## What to produce
A copy is needed of each line in the records that has the word "solids".

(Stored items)
◇ ◇ ◇
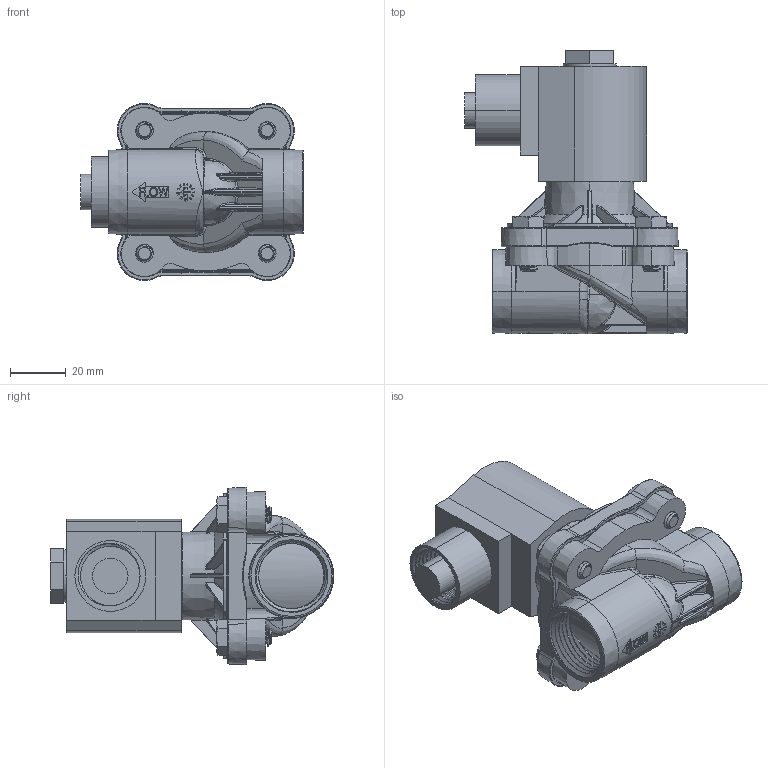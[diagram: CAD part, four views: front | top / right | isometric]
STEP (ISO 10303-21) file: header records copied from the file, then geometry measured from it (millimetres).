
FILE_DESCRIPTION (( 'STEP AP203' ), '1' );
FILE_NAME ('S201GxxxxPEG5.STEP', '2024-05-02T15:22:08', ( '' ), ( '' ), 'SwSTEP 2.0', 'SolidWorks 2023', '' );
FILE_SCHEMA (( 'CONFIG_CONTROL_DESIGN' ));
Length unit declared in the file: millimetre
Products named in the file (1): S201GxxxxPEG5
Bounding box: 79.88 x 101.58 x 63.5 mm (x, y, z)
Volume: 166482 mm3; surface area: 35785.9 mm2
Topology: 1 solids, 2 shells, 2085 faces, 5374 edges, 3255 vertices
Faces by surface type: bspline 903, plane 516, cylinder 260, torus 172, cone 149, sphere 85
Entity records: 108985 total; most frequent: CARTESIAN_POINT 66030, ORIENTED_EDGE 10522, DIRECTION 6608, EDGE_CURVE 5261, VERTEX_POINT 3252, AXIS2_PLACEMENT_3D 2421, EDGE_LOOP 2159, ADVANCED_FACE 2085
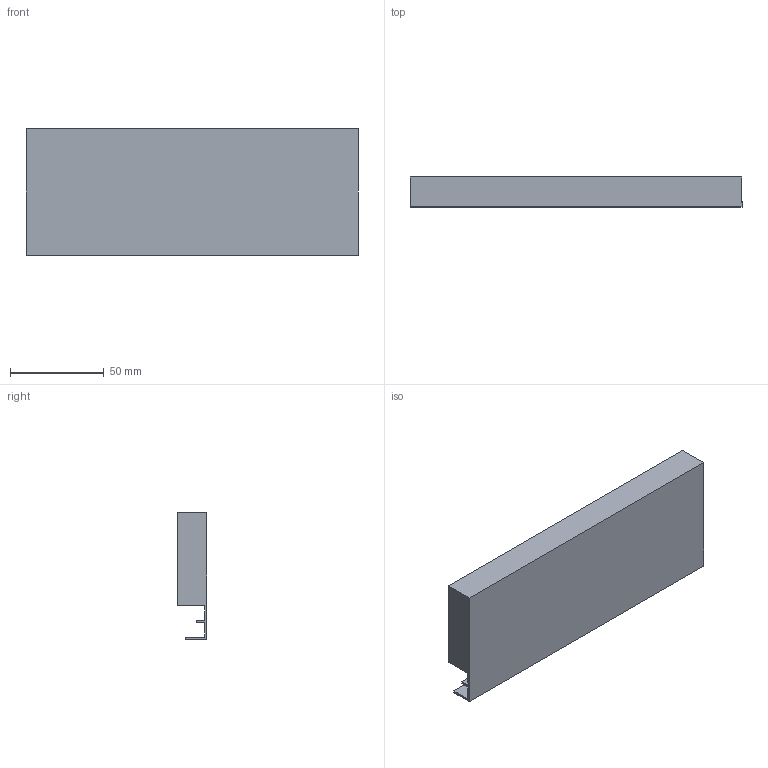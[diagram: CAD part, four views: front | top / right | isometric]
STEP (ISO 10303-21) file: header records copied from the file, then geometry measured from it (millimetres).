
FILE_DESCRIPTION (( 'STEP AP214' ), '1' );
FILE_NAME ('Innenschub-Blendenprofil_KAB300_S16.step', '2010-09-23T12:26:46', ( 'grass' ), ( '' ), 'SwSTEP 2.0', 'SolidWorks 2010', '' );
FILE_SCHEMA (( 'AUTOMOTIVE_DESIGN' ));
Length unit declared in the file: millimetre
Products named in the file (1): Innenschub-Blendenprofil_KAB300_S16
Bounding box: 177 x 15.9 x 67.6 mm (x, y, z)
Volume: 146726.2 mm3; surface area: 36420.4 mm2
Topology: 1 solids, 1 shells, 17 faces, 42 edges, 28 vertices
Faces by surface type: plane 15, cylinder 2
Entity records: 534 total; most frequent: CARTESIAN_POINT 88, ORIENTED_EDGE 84, DIRECTION 82, EDGE_CURVE 42, VECTOR 38, LINE 38, VERTEX_POINT 28, AXIS2_PLACEMENT_3D 22
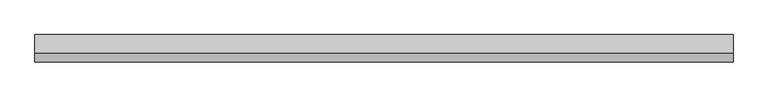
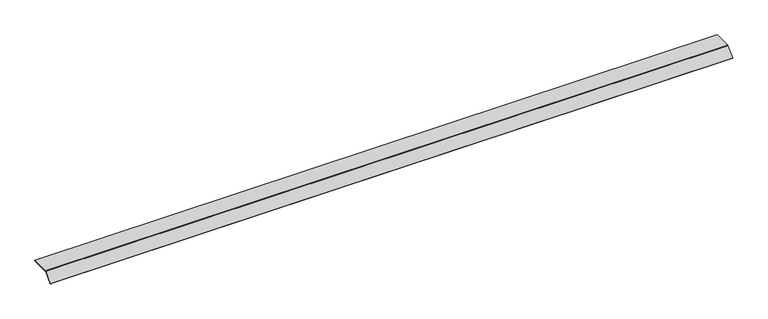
"""IFC4 building model written with IfcOpenShell, lengths in millimetres: proxy geometry, Electrical_Installation_Hager_Blank-Cover-800mm-Single-Sided-Height-70mm : Electrical_Installation_Hager_Blank-Cover-800mm-Single-Sided-Height-70mm."""

from ifc_helpers import new_model, si_unit, point, frame, frame_2d, origin, place, context, project, spatial, polyline, circle_curve, trimmed, segment, composite_curve, outline, extrude, source, transform, mapped, element, save


def electrical_fixtures_8a86bcad(model_context):
    return source(origin(), model_context, "Body", "SweptSolid", [
        extrude(outline(composite_curve([segment(polyline([(75.0, 40.5), (75.0, 37.5), (-74.8229541, 37.5)]), True, "CONTINUOUS"), segment(trimmed(circle_curve(frame_2d((-74.8229541, 36.0725733)), 1.4274267), [point((-74.8229541, 37.5))], [point((-75.8322972, 37.0819164))], True, "CARTESIAN"), True, "CONTINUOUS"), segment(polyline([(-75.8322972, 37.0819164), (-143.6627596, -30.7485461), (-145.78408, -28.6272257), (-77.8206472, 39.336207)]), True, "CONTINUOUS"), segment(trimmed(circle_curve(frame_2d((-75.0110025, 36.5265623)), 3.9734377), [point((-77.8206472, 39.336207))], [point((-75.0110025, 40.5))], False, "CARTESIAN"), True, "CONTINUOUS"), segment(polyline([(-75.0110025, 40.5), (75.0, 40.5)]), True, "CONTINUOUS")], self_intersect=False)), frame((0.0, 0.0, 0.0), z_axis=(1.0, 0.0, 0.0), x_axis=(0.0, 1.0, 0.0)), (0.0, 0.0, 1.0), 5611.6956759),
    ])


if __name__ == "__main__":
    model = new_model("IFC4")
    model_context = context("Model", 3, world=origin())
    ifc_project = project(units=[si_unit("LENGTHUNIT", "METRE", prefix="MILLI")], contexts=[model_context])
    site = spatial("IfcSite", under=ifc_project)
    building = spatial("IfcBuilding", under=site)
    placement = place(None, origin())
    electrical_fixtures_shape = electrical_fixtures_8a86bcad(model_context)
    element("IfcBuildingElementProxy", 1, Name="Electrical_Installation_Hager_Blank-Cover-800mm-Single-Sided-Height-70mm : Electrical_Installation_Hager_Blank-Cover-800mm-Single-Sided-Height-70mm", ObjectType="Electrical_Installation_Hager_Blank-Cover-800mm-Single-Sided-Height-70mm : Electrical_Installation_Hager_Blank-Cover-800mm-Single-Sided-Height-70mm", at=placement, inside=building, context=model_context, shape_type="MappedRepresentation", body=[
        mapped(electrical_fixtures_shape, transform((0.0, 0.0, 0.0), x_axis=(1.0, 0.0, 0.0), y_axis=(0.0, 1.0, 0.0), z_axis=(0.0, 0.0, 1.0))),
    ])
    save(model, "model.ifc")
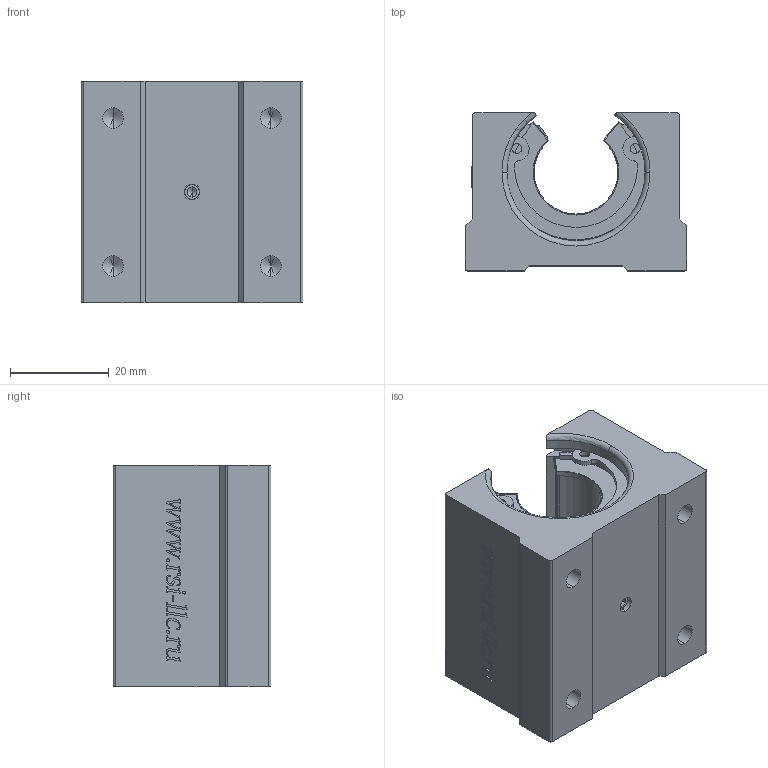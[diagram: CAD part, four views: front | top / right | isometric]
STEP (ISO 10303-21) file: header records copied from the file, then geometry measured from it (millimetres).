
FILE_DESCRIPTION (( 'STEP AP214' ), '1' );
FILE_NAME ('SBR16UU.STEP', '2020-10-19T06:42:46', ( '' ), ( '' ), 'SwSTEP 2.0', 'SolidWorks 2018', '' );
FILE_SCHEMA (( 'AUTOMOTIVE_DESIGN' ));
Length unit declared in the file: millimetre
Products named in the file (6): SBR16UU-05; SBR16UU-04; SBR16UU-03; SBR16UU-02; SBR16UU-01; SBR16UU
Assembly tree (7 placements, depth 2):
  SBR16UU
    SBR16UU-01
    SBR16UU-02
    SBR16UU-03
    SBR16UU-04  x2
    SBR16UU-05  x2
Bounding box: 45 x 32 x 45 mm (x, y, z)
Volume: 42660 mm3; surface area: 23416.6 mm2
Topology: 8 solids, 8 shells, 484 faces, 1326 edges, 871 vertices
Faces by surface type: plane 222, cylinder 130, bspline 108, cone 18, torus 6
Entity records: 21765 total; most frequent: CARTESIAN_POINT 7706, ORIENTED_EDGE 2446, DIRECTION 1913, EDGE_CURVE 1223, VERTEX_POINT 809, LINE 765, VECTOR 765, AXIS2_PLACEMENT_3D 574
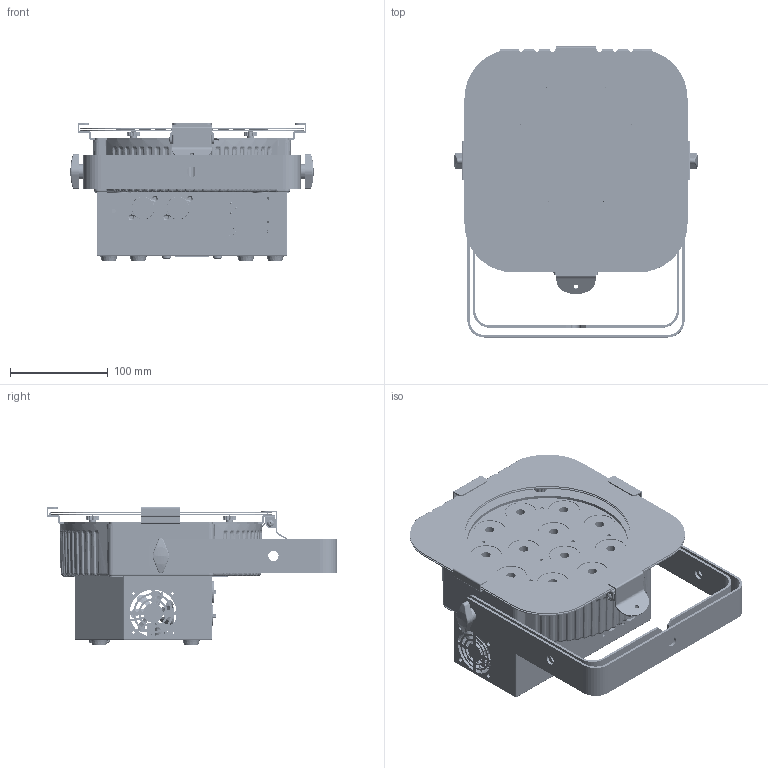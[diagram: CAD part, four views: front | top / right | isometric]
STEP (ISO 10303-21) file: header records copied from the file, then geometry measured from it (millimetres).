
FILE_DESCRIPTION((''),'2;1');
FILE_NAME('LA3738-DY-00_ASM','2019-04-07T',('KF005'),(''),'PRO/ENGINEER BY PARAMETRIC TECHNOLOGY CORPORATION, 2010280','PRO/ENGINEER BY PARAMETRIC TECHNOLOGY CORPORATION, 2010280','');
FILE_SCHEMA(('CONFIG_CONTROL_DESIGN','SHAPE_APPEARANCE_LAYERS_GROUPS'));
Products named in the file (43): LA3738-DY-01; LA3738-DY-03; LA3738-DY-04; LA3738-DY-05; LA3738-DY-06; LA3738-DY-07; LA3738-DY-08; LA3738-DY-09; LA3738-DY-10; LA3738-DY-02_ASM; LA3738-DY-27; LA3738-DY-26; LA3738-DY-28; LA3738-DY-29; LA3738-DY-30; LA-1010D-3P-031; LA-1010D-3P-032; LA-1010D-3P-033; LA-1010D-3P-034; LA-1010D-3P-035; SN-M3X16; LA-1010D-3P-030_ASM; LA3738-06X; LA3738-DY-19; LA3738-DY-20; LA3738-DY-21X; LA3738-DY-23; LA3738-DY-24; LA3738-DY-22_ASM; LA3738-DY-25; FS-5011-01; F--BX; LZ; BZ; LA3401-10; B-SMB-0011; B-KNZ-0001; B-KNZ-0002; B-KNZ-0004; B-KNZ-0003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
Assembly tree (82 placements, depth 4):
  LA3738-DY-00_ASM
    LA3738-DY-01
    LA3738-DY-02_ASM
      LA3738-DY-03
      LA3738-DY-04  x12
      LA3738-DY-05  x12
      LA3738-DY-06
      LA3738-DY-07  x6
      LA3738-DY-08
      LA3738-DY-09
      LA3738-DY-10
    LA3738-DY-27  x4
    LA3738-DY-26
    LA3738-DY-28
    LA3738-DY-29  x2
    LA3738-DY-30
    LA-1010D-3P-030_ASM
      LA-1010D-3P-031
      LA-1010D-3P-032
      LA-1010D-3P-033
      LA-1010D-3P-034
      LA-1010D-3P-035
      SN-M3X16  x4
    LA3738-X-00_ASM
      LA3738-06X
      LA3738-DY-19
      LA3738-DY-20
      LA3738-DY-21X
      LA3738-DY-22_ASM
        LA3738-DY-23
        LA3738-DY-24
      LA3738-DY-25  x4
      FS-5011-01  x2
      F--BX  x2
      LZ
      BZ
      LA3401-10  x2
      ZJ-L30501-04-03-00_ASM
        B-SMB-0011
        B-KNZ-0001
        B-KNZ-0002
        B-KNZ-0004
        B-KNZ-0003
Bounding box: 249 x 297.4 x 140.8 mm (x, y, z)
Volume: 1107244.1 mm3; surface area: 1341849.5 mm2
Topology: 97 solids, 97 shells, 9083 faces, 24200 edges, 15605 vertices
Faces by surface type: cylinder 3705, plane 3653, bspline 1287, torus 194, cone 156, sphere 44, extrusion 44
Entity records: 294151 total; most frequent: CARTESIAN_POINT 118037, ORIENTED_EDGE 29318, DIRECTION 25702, EDGE_CURVE 14659, PRESENTATION_STYLE_ASSIGNMENT 13216, STYLED_ITEM 13022, CURVE_STYLE 12955, VERTEX_POINT 9299
◇ ◇ ◇
## Solution to this problem
Topology: 1 solids, 2 shells, 2085 faces, 5374 edges, 3255 vertices
Topology: 1 solids, 1 shells, 17 faces, 42 edges, 28 vertices
Topology: 8 solids, 8 shells, 484 faces, 1326 edges, 871 vertices
Topology: 97 solids, 97 shells, 9083 faces, 24200 edges, 15605 vertices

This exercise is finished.